Woher kommt diese Wirkung und warum vermochten gerade seine Bücher, „Demian“, „Peter Camenzind“, „Narziss und Goldmund“ oder „Der Steppenwolf“, über Generationen hinweg die Gedanken, Gefühle, Hoffnungen, Träume oder Ängste so vieler junger, v. a. intellektueller Menschen auszudrücken und ihnen Gestalt zu verleihen? Ich denke, die Antwort ist, dass Hermann Hesse in erster Linie einer der ehrlichsten und wahrhaftesten Schriftsteller des 20. Jahrhunderts gewesen ist.
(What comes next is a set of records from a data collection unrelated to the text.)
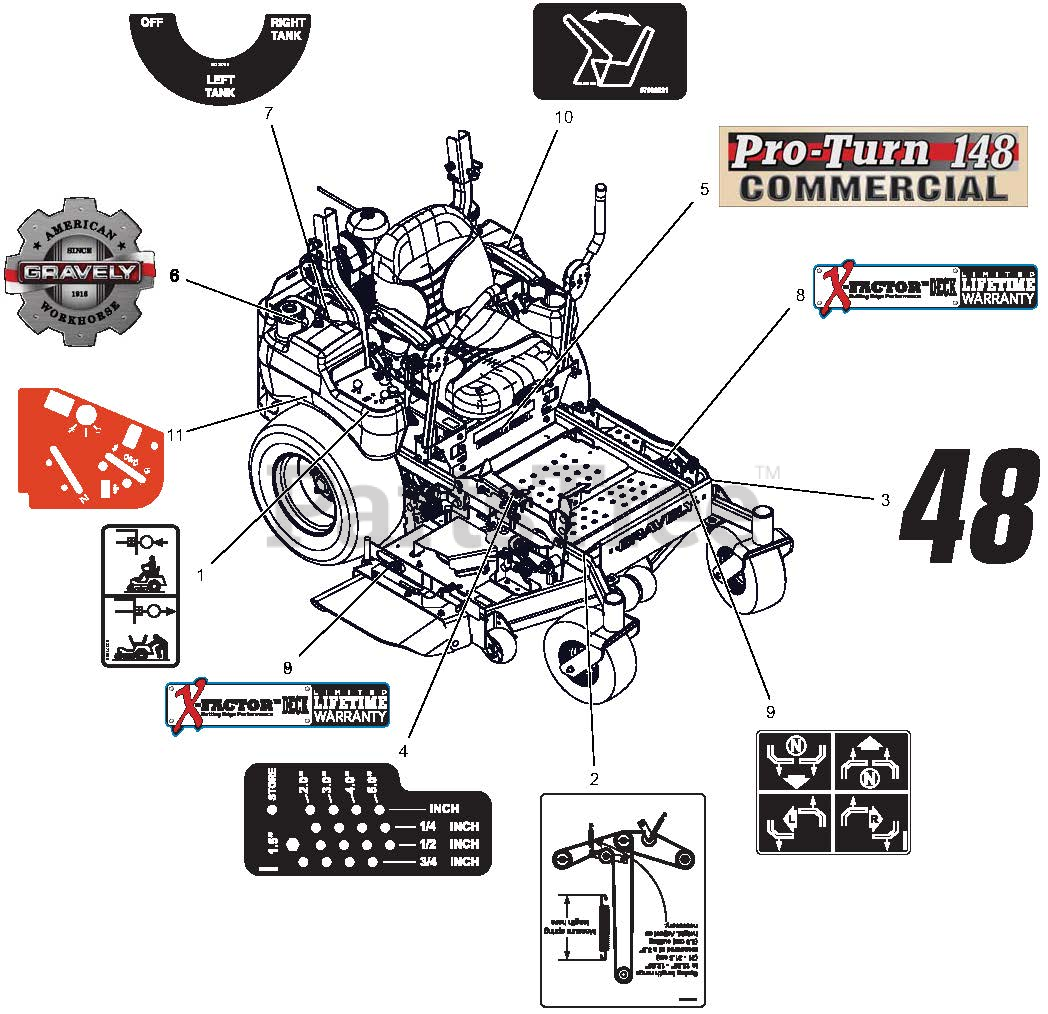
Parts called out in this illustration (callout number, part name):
1	DECAL, TRANSMISSION DISCONNECT
2	DECAL, BELT ROUTING
3	DECAL, 48"
4	DECAL, HEIGHT OF CUT
5	DECAL, PRO-TURN 148
6	DECAL, GRAVELY HERITAGE-LARGE
7	DECAL, FUEL VALVE
8	DECAL, X-FACTOR DECK
9	DECAL, INSTRUCTIONAL-STEERING
10	DECAL, SEAT RELEASE
11	PANEL, PT100 CONTROL
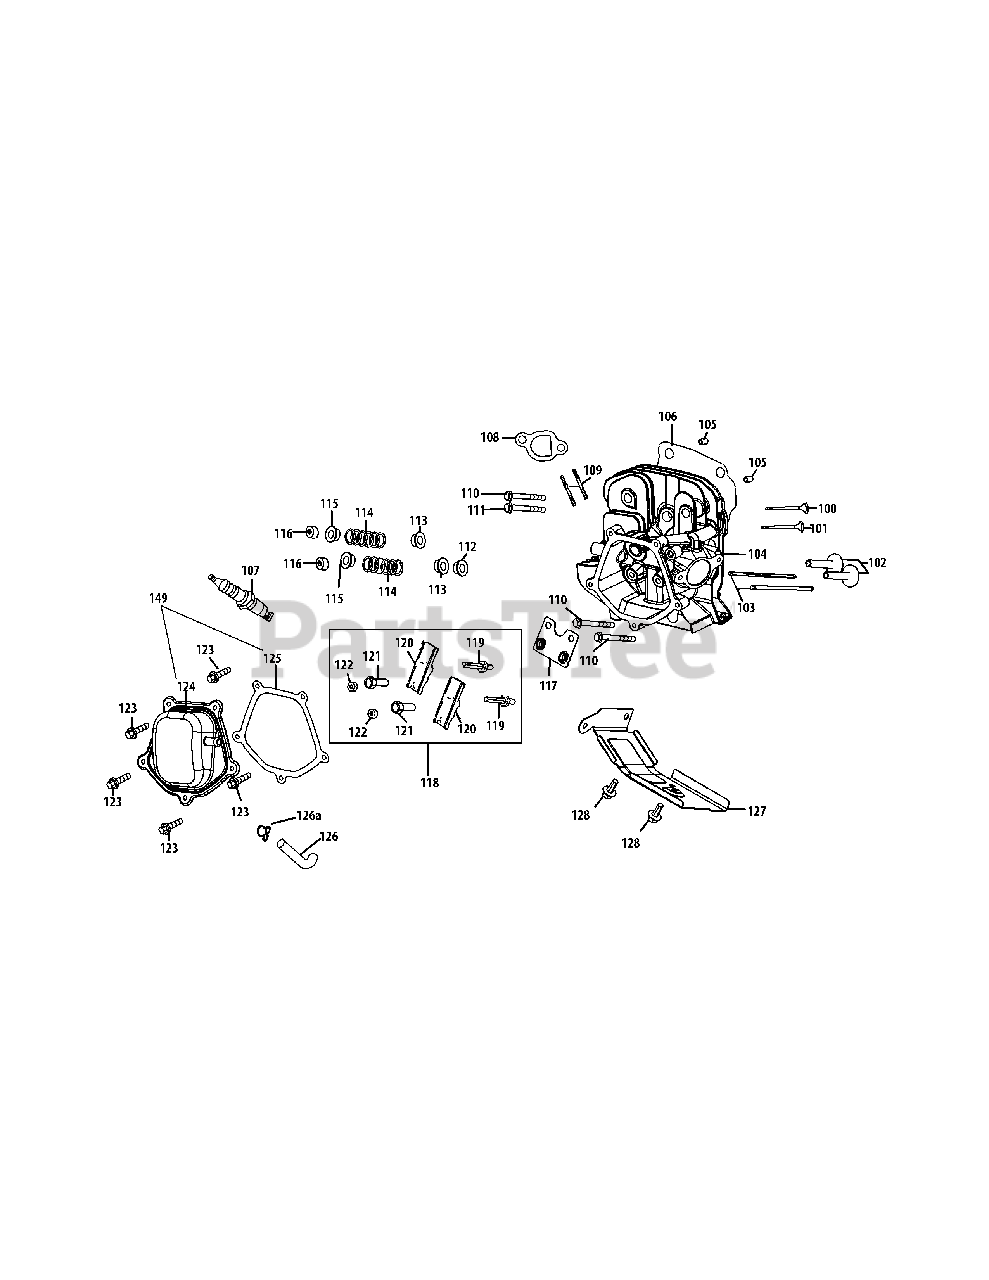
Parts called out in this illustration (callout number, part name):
100	Valve Kit
101	Valve Kit
102	Tappet
103	Push Rod
104	Cylinder Head Kit
105	Dowel Pin 12×20
106	Gasket Cylinder Head
107	Spark Plug
108	Exhaust Pipe Gasket
109	Stud M8×48.5
109	Muffler Stud Assembly
110	Bolt M10×1.25×87
111	Bolt M10×1.25×65
112	Intake Valve Seal
113	Valve Spring Retainer
114	Valve Spring
115	Retainer Exhaust Valve Spring
116	Adjuster Exhaust Valve
117	Push Rod Guide
118	Rocker Arm Assembly
119	Bolt Pivot
120	Rocker Arm
121	Adjusting Nut, Valve
122	Nut Pivot Locking
123	Valve Cover Bolt
124	Valve Cover
125	Valve Cover Gasket
126	Breather Hose
127	Air Shield
128	Bolt M6×12
149	Valve Cover Kit

Hermann Hesse erzählt in seinen Büchern von „Peter Camenzind“ bis „Das Glasperlenspiel“ die Biografie seiner Seele, die Geschichte seiner eigenen Persönlichkeit offen und vorbehaltlos; er verschweigt dem Leser, oder besser gesagt, verschont ihn mit keinem noch so unerträglichen Detail: Jedes Laster, jede Amoralität, jede Angst, jeder Zweifel, jeder Schmerz, jede Scham, jede tief empfundene menschliche Schwäche sind in dieser Biografie genauso enthalten wie alles Edle und Gute, zu dem Menschen fähig sind.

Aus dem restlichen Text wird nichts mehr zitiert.